Excerpt from Confectioners Raw Materials: Their Sources, Modes of Preparation, Chemical Composition, the Chief Impurities and Adulterations, Their More Important Uses and Other Points of Interest
The object of this volume is to supply a want that has long been felt in connection with so important a subject as "Confectioners" Raw Materials."
The only available sources at present are sundry paragraphs or perhaps a single chapter in some trade book - e.g., Atkins and Cox, "The Art of Confectionery," and Jago"s large treatise on the "Technology of Bread or trade lectures given before the members of various Students" Societies and reported in the Trade Press, or occasional notes in the various Trade Journals.

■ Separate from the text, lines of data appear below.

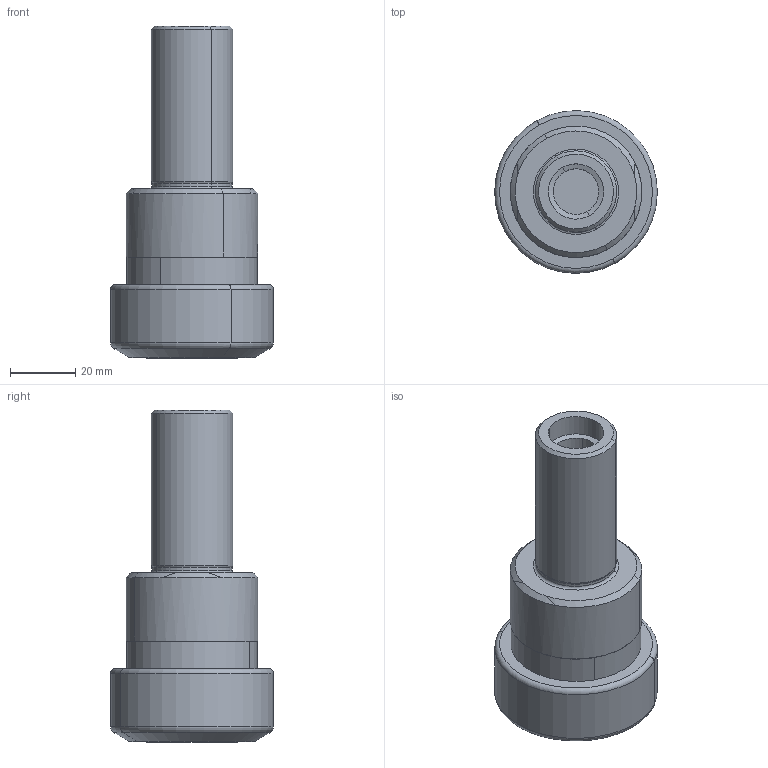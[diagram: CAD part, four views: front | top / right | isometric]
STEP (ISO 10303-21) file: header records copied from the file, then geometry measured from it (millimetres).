
FILE_DESCRIPTION(('CATIA V5 STEP','CAx-IF Rec.Pracs.--- Model Styling and Organization---1.2---2011-12-15'),'2;1');
FILE_NAME('\\nas01\drv1\utils\eitdev\rte\eit\transmagicconvert\db\out\635962170483065168\4508004 LM.stp','2016-04-14T04:51:03+00:00',('none'),('none'),'CATIA Version 5 Release 21 SP 5 (IN-10)','CATIA V5 STEP AP214','none');
FILE_SCHEMA(('AUTOMOTIVE_DESIGN { 1 0 10303 214 1 1 1 1 }'));
Length unit declared in the file: millimetre
Products named in the file (1): ST 25X 50 ER32 F
Bounding box: 49.99 x 49.99 x 102.03 mm (x, y, z)
Volume: 72458.8 mm3; surface area: 19290.4 mm2
Topology: 1 solids, 1 shells, 57 faces, 128 edges, 78 vertices
Faces by surface type: cylinder 20, cone 18, torus 10, plane 7, extrusion 2
Entity records: 1595 total; most frequent: CARTESIAN_POINT 424, ORIENTED_EDGE 256, DIRECTION 184, EDGE_CURVE 128, AXIS2_PLACEMENT_3D 112, VERTEX_POINT 78, CIRCLE 76, EDGE_LOOP 62
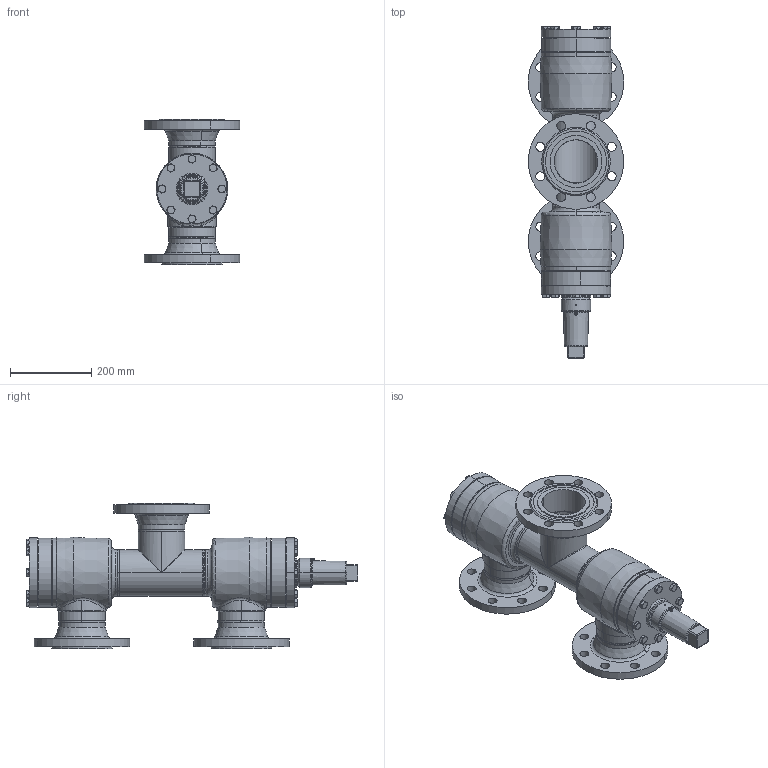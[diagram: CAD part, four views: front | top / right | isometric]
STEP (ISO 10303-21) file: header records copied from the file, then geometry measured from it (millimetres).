
FILE_DESCRIPTION (( 'STEP AP214' ), '1' );
FILE_NAME ('WVR24020D19-DN100_DIN-FL-N-F_PS40.STEP', '2010-09-08T09:02:26', ( 'Eckhard Grams' ), ( 'AWP Kälte Klima Armaturen GmbH' ), 'SwSTEP 2.0', 'SolidWorks 2002296', '' );
FILE_SCHEMA (( 'AUTOMOTIVE_DESIGN' ));
Length unit declared in the file: millimetre
Products named in the file (21): WVR24020D19-DN100_DIN-FL-N-F_PS40; Kappe 16402-19_DN80-100 (M60x3)_Standard; Geh,kpl23020E19-DN100_DIN-FL-N-F_PS40_Standard; Flansch-DIN2635-Feder_PS40_DIN-Flansch-DN100_PS40-Feder; Geh,kpl23000E19-DN100_R1_PS40_Standard; T-Stück DIN2615_DN100; Gehäuse23000E19-DN100_R1_PS40_Standard; bead23000-19-2kopf_Standard; bead23000-19-2_Standard; bead23000-19-1kopf_Standard; bead23000-19-1_Standard; Kopfstück16300-DN100_Standard; Flansch-DIN2635-Nut_PS40_DIN-Flansch-DN100_PS40-Nut; bead23020-19-2_Standard; bead23020-19-3_Standard; bead23020-19-1_Standard; AVR26300E19_Deck+Schr-DN100_Standard; Deckel26300E19-DN100_Standard; WVB-R23000E19_Deck+Schr-DN100_Standard; Deckel23000E19-DN100_Standard; Sechskantschraube-DIN933_M12x 35
Assembly tree (38 placements, depth 4):
  WVR24020D19-DN100_DIN-FL-N-F_PS40
    Geh,kpl23020E19-DN100_DIN-FL-N-F_PS40_Standard
      Geh,kpl23000E19-DN100_R1_PS40_Standard
        bead23000-19-2_Standard
        Kopfstück16300-DN100_Standard  x2
        Gehäuse23000E19-DN100_R1_PS40_Standard  x2
        bead23000-19-2kopf_Standard
        bead23000-19-1kopf_Standard
        T-Stück DIN2615_DN100
        bead23000-19-1_Standard
      bead23020-19-3_Standard
      Flansch-DIN2635-Nut_PS40_DIN-Flansch-DN100_PS40-Nut
      bead23020-19-2_Standard
      Flansch-DIN2635-Feder_PS40_DIN-Flansch-DN100_PS40-Feder  x2
      bead23020-19-1_Standard
    WVB-R23000E19_Deck+Schr-DN100_Standard
      Sechskantschraube-DIN933_M12x 35  x8
      Deckel23000E19-DN100_Standard
    AVR26300E19_Deck+Schr-DN100_Standard
      Sechskantschraube-DIN933_M12x 35  x8
      Deckel26300E19-DN100_Standard
    Kappe 16402-19_DN80-100 (M60x3)_Standard
Bounding box: 234.78 x 816.5 x 357 mm (x, y, z)
Volume: 7651297 mm3; surface area: 1370027.9 mm2
Topology: 34 solids, 34 shells, 863 faces, 1929 edges, 1156 vertices
Faces by surface type: cone 305, cylinder 256, plane 218, bspline 52, torus 32
Entity records: 40234 total; most frequent: CARTESIAN_POINT 29932, DIRECTION 1976, ORIENTED_EDGE 1854, EDGE_CURVE 927, AXIS2_PLACEMENT_3D 853, VERTEX_POINT 571, EDGE_LOOP 500, CIRCLE 458
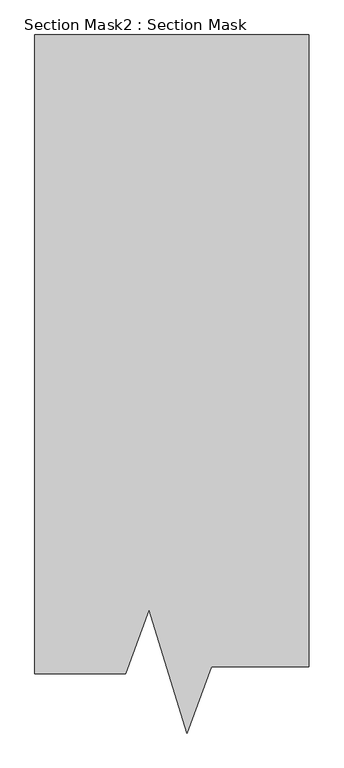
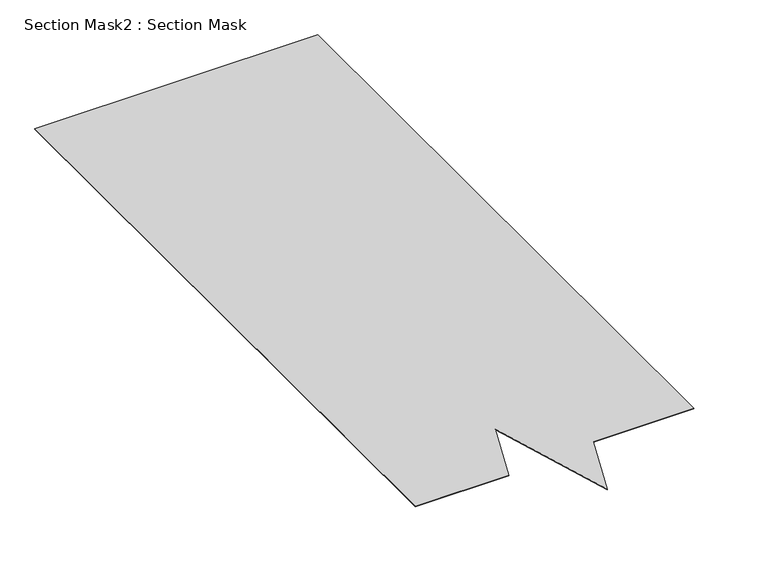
"""IFC4 building model written with IfcOpenShell, lengths in millimetres: proxy geometry, Section Mask2 : Section Mask."""

from ifc_helpers import new_model, si_unit, frame, origin, place, context, project, spatial, polyline, outline, extrude, source, transform, mapped, element, save


def section_mask2_section_mask_c3d297e0(model_context):
    return source(origin(), model_context, "Body", "SweptSolid", [
        extrude(outline(polyline([(7940.7413927, 885.273934), (7680.0981609, 885.273934), (7680.0981609, 2719.4614947), (8467.3849727, 2719.4614947), (8467.3849727, 906.1224056), (8187.4305384, 906.1224056), (8117.0424454, 715.5030037), (8008.7938586, 1069.5681773), (7940.7413927, 885.273934)])), frame((0.0, 0.0, 45.0273345), z_axis=(0.0, 0.0, 1.0), x_axis=(1.0, 0.0, 0.0)), (0.0, 0.0, 1.0), 1.469501),
    ])


if __name__ == "__main__":
    model = new_model("IFC4")
    model_context = context("Model", 3, world=origin())
    ifc_project = project(units=[si_unit("LENGTHUNIT", "METRE", prefix="MILLI")], contexts=[model_context])
    site = spatial("IfcSite", under=ifc_project)
    building = spatial("IfcBuilding", under=site)
    placement = place(None, origin())
    section_mask2_section_mask_shape = section_mask2_section_mask_c3d297e0(model_context)
    element("IfcBuildingElementProxy", 1, Name="Section Mask2 : Section Mask", ObjectType="Section Mask2 : Section Mask", at=placement, inside=building, context=model_context, shape_type="MappedRepresentation", body=[
        mapped(section_mask2_section_mask_shape, transform((0.0, 0.0, 0.0), x_axis=(1.0, 0.0, 0.0), y_axis=(0.0, 1.0, 0.0), z_axis=(0.0, 0.0, 1.0))),
    ])
    save(model, "model.ifc")
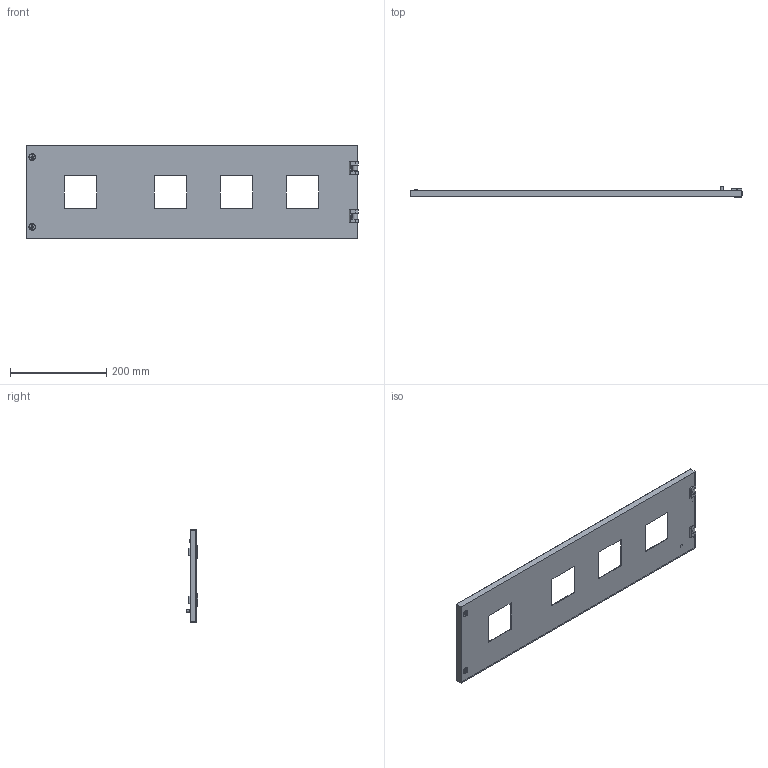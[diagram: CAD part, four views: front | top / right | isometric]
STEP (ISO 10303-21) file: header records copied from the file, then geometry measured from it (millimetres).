
FILE_DESCRIPTION(/* description */ (''),/* implementation_level */ '2;1');
FILE_NAME(/* name */ 'CPX8472C',/* time_stamp */ '2025-02-05T07:55:48+01:00',/* author */ ('Anitrano Rafael Marcelo'),/* organization */ ('QUADRITALIA SRL'),/* preprocessor_version */ 'ST-DEVELOPER v19.4',/* originating_system */ 'Solid Edge',/* authorisation */ 'Unknown');
FILE_SCHEMA (('AUTOMOTIVE_DESIGN {1 0 10303 214 3 1 1}'));
Length unit declared in the file: millimetre
Products named in the file (2): CPX8472C
Assembly tree (1 placements, depth 2):
  CPX8472C
    CPX8472C
Bounding box: 690 x 23.5 x 194 mm (x, y, z)
Volume: 216372.4 mm3; surface area: 285413 mm2
Topology: 1 solids, 1 shells, 409 faces, 1109 edges, 716 vertices
Faces by surface type: plane 280, cylinder 94, cone 15, torus 12, sphere 8
Full cylindrical faces by diameter (mm): 3.96 x2, 5.1 x2, 5.9 x6, 6 x3, 6.2 x2, 6.3 x4, 7 x1, 12 x2
Entity records: 15320 total; most frequent: CARTESIAN_POINT 2309, ORIENTED_EDGE 2070, DIRECTION 2046, EDGE_CURVE 1035, LINE 786, VECTOR 786, VERTEX_POINT 689, AXIS2_PLACEMENT_3D 630
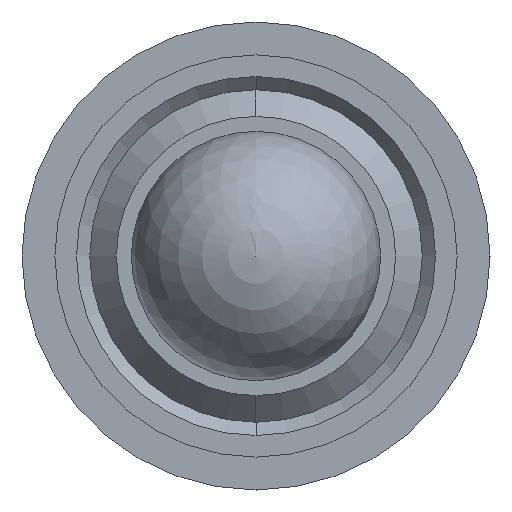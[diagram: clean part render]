
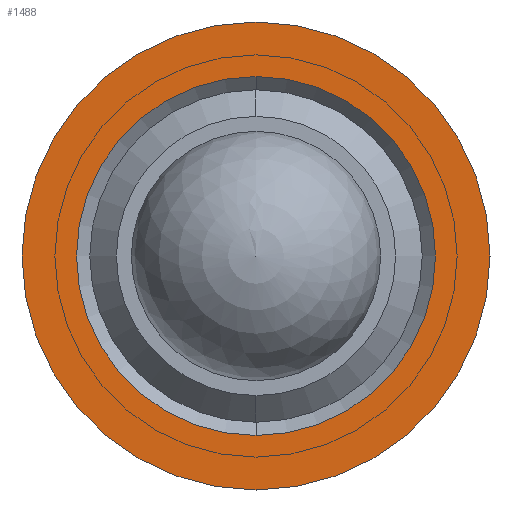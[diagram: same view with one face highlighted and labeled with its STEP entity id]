
A CAD part, left-side view. The second image highlights one B-rep face of the part: STEP entity #1488.
In plain terms, the highlighted planar face has unit normal (-1, 0, 0).
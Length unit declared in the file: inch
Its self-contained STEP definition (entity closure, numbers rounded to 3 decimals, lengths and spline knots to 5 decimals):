
#10 = CARTESIAN_POINT ( 'NONE',  ( 0.60209, 1.99757, 3.07792 ) ) ;
#13 = DIRECTION ( 'NONE',  ( -1., 0., 0. ) ) ;
#46 = CARTESIAN_POINT ( 'NONE',  ( 0.60209, 1.99757, 3.07792 ) ) ;
#55 = CIRCLE ( 'NONE', #1166, 0.135 ) ;
#193 = DIRECTION ( 'NONE',  ( 0., 0., 1. ) ) ;
#230 = AXIS2_PLACEMENT_3D ( 'NONE', #46, #13, #1406 ) ;
#232 = CARTESIAN_POINT ( 'NONE',  ( 0.60209, 1.99757, 3.21292 ) ) ;
#330 = CARTESIAN_POINT ( 'NONE',  ( 0.60209, 1.99757, 3.07792 ) ) ;
#370 = DIRECTION ( 'NONE',  ( 0., 0., -1. ) ) ;
#396 = CARTESIAN_POINT ( 'NONE',  ( 0.60209, 1.99757, 2.94292 ) ) ;
#397 = ORIENTED_EDGE ( 'NONE', *, *, #927, .T. ) ;
#410 = FACE_BOUND ( 'NONE', #1407, .T. ) ;
#486 = VERTEX_POINT ( 'NONE', #1333 ) ;
#577 = EDGE_CURVE ( 'NONE', #680, #486, #1312, .T. ) ;
#591 = DIRECTION ( 'NONE',  ( 0., 0., -1. ) ) ;
#619 = CARTESIAN_POINT ( 'NONE',  ( 0.60209, 1.99757, 3.07792 ) ) ;
#680 = VERTEX_POINT ( 'NONE', #1344 ) ;
#759 = ORIENTED_EDGE ( 'NONE', *, *, #1253, .T. ) ;
#763 = PLANE ( 'NONE',  #783 ) ;
#783 = AXIS2_PLACEMENT_3D ( 'NONE', #10, #1530, #370 ) ;
#857 = ORIENTED_EDGE ( 'NONE', *, *, #1300, .T. ) ;
#861 = CIRCLE ( 'NONE', #1262, 0.176 ) ;
#918 = CIRCLE ( 'NONE', #1338, 0.135 ) ;
#927 = EDGE_CURVE ( 'NONE', #486, #680, #861, .T. ) ;
#1115 = EDGE_LOOP ( 'NONE', ( #1414, #397 ) ) ;
#1155 = VERTEX_POINT ( 'NONE', #396 ) ;
#1166 = AXIS2_PLACEMENT_3D ( 'NONE', #619, #1448, #591 ) ;
#1187 = DIRECTION ( 'NONE',  ( 1., 0., 0. ) ) ;
#1253 = EDGE_CURVE ( 'NONE', #1514, #1155, #55, .T. ) ;
#1262 = AXIS2_PLACEMENT_3D ( 'NONE', #1279, #1347, #193 ) ;
#1279 = CARTESIAN_POINT ( 'NONE',  ( 0.60209, 1.99757, 3.07792 ) ) ;
#1300 = EDGE_CURVE ( 'NONE', #1155, #1514, #918, .T. ) ;
#1312 = CIRCLE ( 'NONE', #230, 0.176 ) ;
#1333 = CARTESIAN_POINT ( 'NONE',  ( 0.60209, 1.99757, 2.90192 ) ) ;
#1338 = AXIS2_PLACEMENT_3D ( 'NONE', #330, #1187, #1439 ) ;
#1344 = CARTESIAN_POINT ( 'NONE',  ( 0.60209, 1.99757, 3.25392 ) ) ;
#1347 = DIRECTION ( 'NONE',  ( -1., 0., 0. ) ) ;
#1406 = DIRECTION ( 'NONE',  ( 0., 0., 1. ) ) ;
#1407 = EDGE_LOOP ( 'NONE', ( #759, #857 ) ) ;
#1414 = ORIENTED_EDGE ( 'NONE', *, *, #577, .T. ) ;
#1426 = FACE_OUTER_BOUND ( 'NONE', #1115, .T. ) ;
#1439 = DIRECTION ( 'NONE',  ( 0., 0., -1. ) ) ;
#1448 = DIRECTION ( 'NONE',  ( 1., 0., 0. ) ) ;
#1488 = ADVANCED_FACE ( 'NONE', ( #410, #1426 ), #763, .F. ) ;
#1514 = VERTEX_POINT ( 'NONE', #232 ) ;
#1530 = DIRECTION ( 'NONE',  ( 1., 0., 0. ) ) ;

Such information, although generally accurate, is often disconnected and "bitty," rendering it somewhat difficult for the average student to follow.
An attempt is here made to give, in simple language, an account of the sources, methods of manufacture, the chemical constituents, various adulterants if any, modes of detecting such impurities, the more important uses of the materials, and in some instances the quantities required for different purposes.
To students possessing a slight knowledge of general, scientific principles it is to be hoped that the book may be found both useful and reliable.
A short introduction to a knowledge of chemistry is given in the opening chapter, but it is intended in no way to displace a good but simple book on this subject, the study of which is earnestly recommended to every student of high-class confectionery. A careful perusal of the first five chapters in my "Chemistry of Breadmaking" will be found to assist the enquirer for knowledge in this particular branch of study.